→ **DATASET EXCERPTS**:

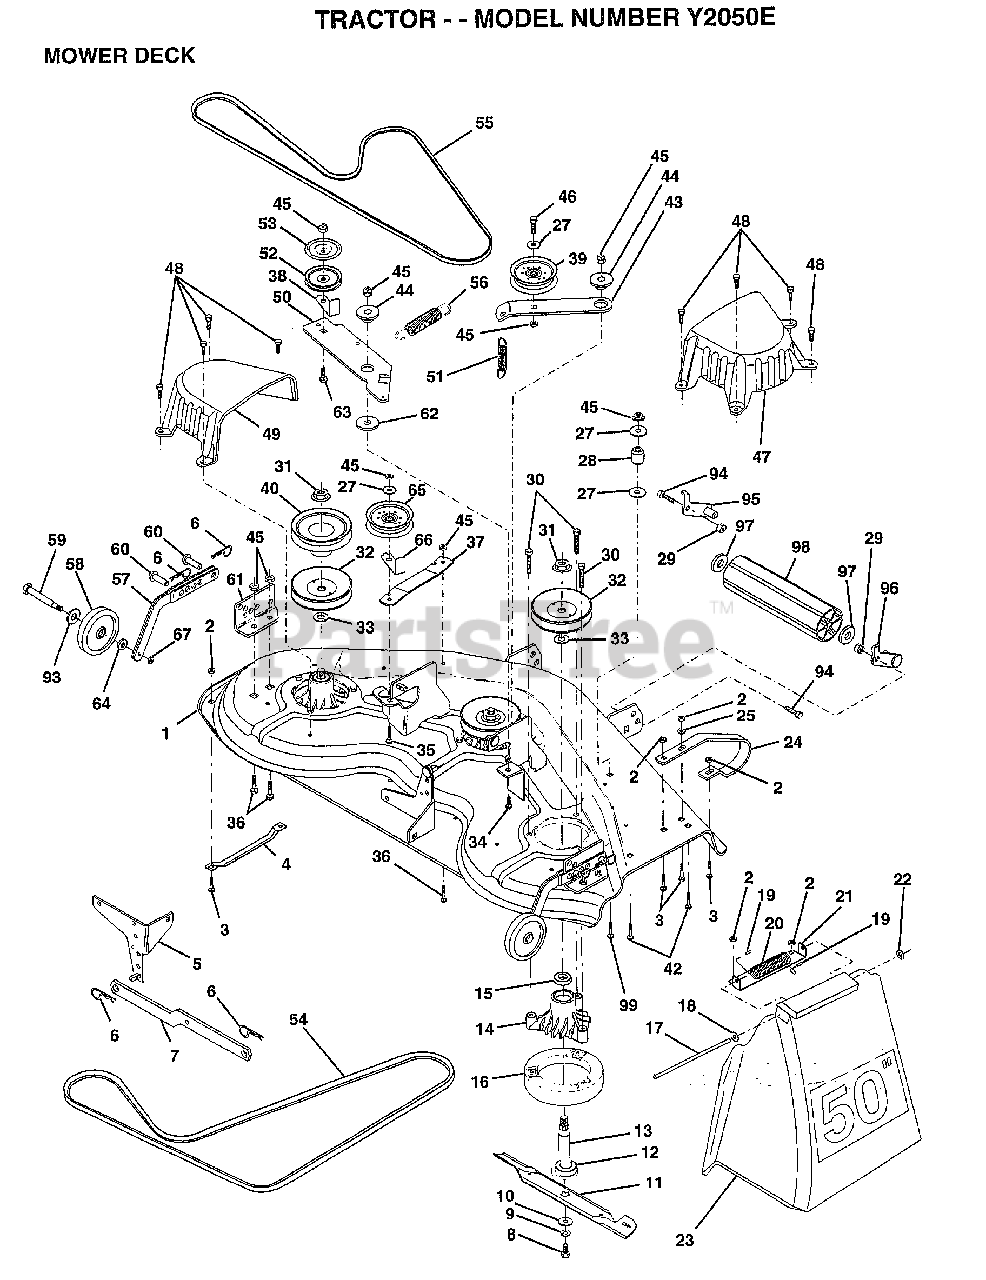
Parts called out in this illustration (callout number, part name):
1	DECK ASM MWR 50VT
4	RUNNER-LH M
5	BRKT.ASM.SW.44/50
8	BLADE BOLT
10	WASHER.HARD.BLADE
11	"BLADE.50"" HD"
12	BEARING.BALL
13	SHAFT.ASM.W/BRNG
14	HOUSING.MAND.44.V
15	BEARING
16	STRIPPER RND MWR
17	ROD-HINGE T
18	WASHER
19	CAP-SLEEVE LT
20	SPRING TORSION
21	BRKT DEFLECTOR
22	NUT PUSH M
23	DEFLECTOR
24	"RUNNER RH 50"" DK"
25	WASHER M
27	WASHER
29	NUT
33	WASHER
34	BOLT.3/8-14X1.25
35	BOLT
36	BOLT D
37	STIFFENER.ARM.IDL
39	FLAT IDLER PULLEY
40	"PULLEY.DRIVEN.44"""
42	BOLT
43	"ARM.IDLER.SEC.44"""
44	SPACER RETAINER
47	"COVER.MAND.RH.44"""
48	SCREW.1/4-20X5/8
49	COVER.MANDREL.LH
50	ARM.IDLER.PRIMARY
51	"SPRING.SEC.44""VEN"
52	PULLEY.IDLER.VGRO
53	SHIELD.IDLER.44.V
54	BELT V PRIM 50
55	BELT.V.GDRIVE.95
56	SPRING.EXT.DECK.
57	BAR.ASM.GUAGE.WHL
58	WHEEL.GAGE.BLK.PL
59	BOLT M
60	PIN.CLEVIS
61	BRACKET.GUAGE.WHL
62	HARDENED WASHER
63	BOLT.3/8-16X1.50
64	WASHER
65	IDLER-FLAT T
67	LOCKNUT
93	WASHER
94	BOLT
97	WASHER
99	BOLT

→ **EXERCISE BRIEF**: The lines to return are those in the entries above that hold "BLADE".

→ **EXERCISE SOLUTION**:
8	BLADE BOLT
10	WASHER.HARD.BLADE
11	"BLADE.50"" HD"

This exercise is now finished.